Autonomous Driving: Mapping and Behavior Planning for Crosswalks

Abstract

As autonomous driving integrates with every day traffic, early adopters are initially skeptical and designers are overly cautious. With safety as the top priority, current systems are sometimes too slow at executing maneuvers. Scenarios such as switching into a crowded lane or waiting for a left turn can result in the autonomous system to wait much longer than a human driver would. This behavior can be frustrating for passengers and confusing for other drivers around. Acceptable driving style also depends on other context like location and culture. A driver may be more forceful in a densely populated city compared to a calmer driver from the suburbs. This thesis explores the unsignalized pedestrian crosswalk scenario and methods that balance safety, assertiveness, caution, and obstruction of traffic flow when interacting with pedestrians. A configurable driving policy for the Autonomoose system is introduced with results.
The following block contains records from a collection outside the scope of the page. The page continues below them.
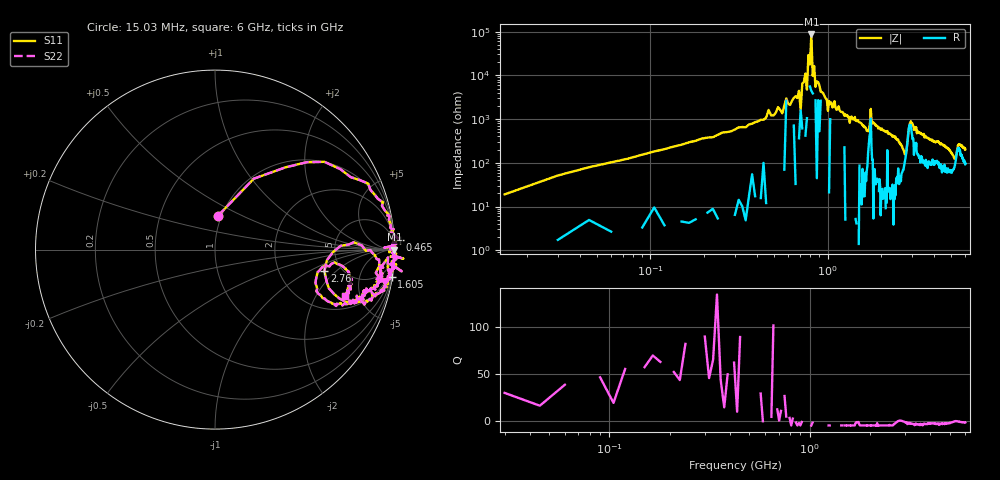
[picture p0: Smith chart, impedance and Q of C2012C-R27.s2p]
!	Network	Analyzer	HP8753E.07.74:	Oct	30	2002	Serial	No.	JP38451487
!	Hewlett-Packard
!	7	Sep	2009	12:22:38
!	Frequency	S11	S21	S12	S22
#	HZ	S	RI	R	50
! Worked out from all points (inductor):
!   400 points, 15.03 MHz to 6 GHz, reference 50 ohm
!   read as one part in series: L = 268 nH near 45.03 MHz
!   highest |Z| = 86.1 kohm at 810 MHz (marker M1)
!   self-resonance near 570 MHz
!   S11 on the Smith chart (normalised r, x): 15.03 MHz: 0.96, +0.38; 465 MHz: -17, +28; 1.605 GHz: 0, -13; 2.76 GHz: 3.70, -1.42; 6 GHz: 2.89, -3.60
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1.502992e7  0.0172 0.189  0.983 -0.189  0.983 -0.189  0.0172 0.189
1.350293e8  0.854 0.368  0.146 -0.368  0.146 -0.368  0.854 0.368
4.650277e8  1.03 0.0543  -0.0335 -0.0543  -0.0335 -0.0543  1.03 0.0543
6.900266e8  0.998 0.0224  0.00235 -0.0224  0.00235 -0.0224  0.998 0.0224
7.050265e8  0.943 0.0107  0.0574 -0.0107  0.0574 -0.0107  0.943 0.0107
7.500262e8  1 0.00909  0.000428 -0.00909  0.000428 -0.00909  1 0.00909
7.650262e8  0.995 0.0205  0.00513 -0.0205  0.00513 -0.0205  0.995 0.0205
7.800261e8  1 0.00336  -0.00067 -0.00336  -0.00067 -0.00336  1 0.00336
7.95026e8  0.998 0.00534  0.0018 -0.00534  0.0018 -0.00534  0.998 0.00534
8.10026e8  1 -0.00116  6.1e-05 0.00116  6.1e-05 0.00116  1 -0.00116
8.250259e8  0.996 0.00934  0.00415 -0.00934  0.00415 -0.00934  0.996 0.00934
8.400258e8  1 -0.0061  -6e-05 0.0061  -6e-05 0.0061  1 -0.0061
8.550257e8  0.991 -0.0157  0.00922 0.0157  0.00922 0.0157  0.991 -0.0157
1.020025e9  0.998 -0.0385  0.0018 0.0385  0.0018 0.0385  0.998 -0.0385
1.605022e9  0.984 -0.152  0.0165 0.152  0.0165 0.152  0.984 -0.152
1.755021e9  0.964 -0.0434  0.036 0.0434  0.036 0.0434  0.964 -0.0434
2.01002e9  0.967 -0.163  0.0334 0.163  0.0334 0.163  0.967 -0.163
2.760016e9  0.61 -0.118  0.39 0.118  0.39 0.118  0.61 -0.118
3.015015e9  0.937 -0.1  0.0629 0.1  0.0629 0.1  0.937 -0.1
4.00501e9  0.841 -0.242  0.159 0.242  0.159 0.242  0.841 -0.242
5.010005e9  0.678 -0.302  0.322 0.302  0.322 0.302  0.678 -0.302
6e9  0.723 -0.256  0.277 0.256  0.277 0.256  0.723 -0.256

The work adopts the lanelet mapping format and introduces a method of mapping and representing the crosswalk regulation. The main contribution of the work is a tunable algorithmic approach for progressing through unsignalized crosswalks that exemplifies both conservative and assertive driving behavior. The algorithm described in this work is one of possibly infinitely many methods for handling unsignalized crosswalks. Reinforcement learning based solutions and other hand crafted algorithms can benefit from using the work proposed as a point of comparison. General concepts proposed in the algorithm may inspire more robust algorithms in future development.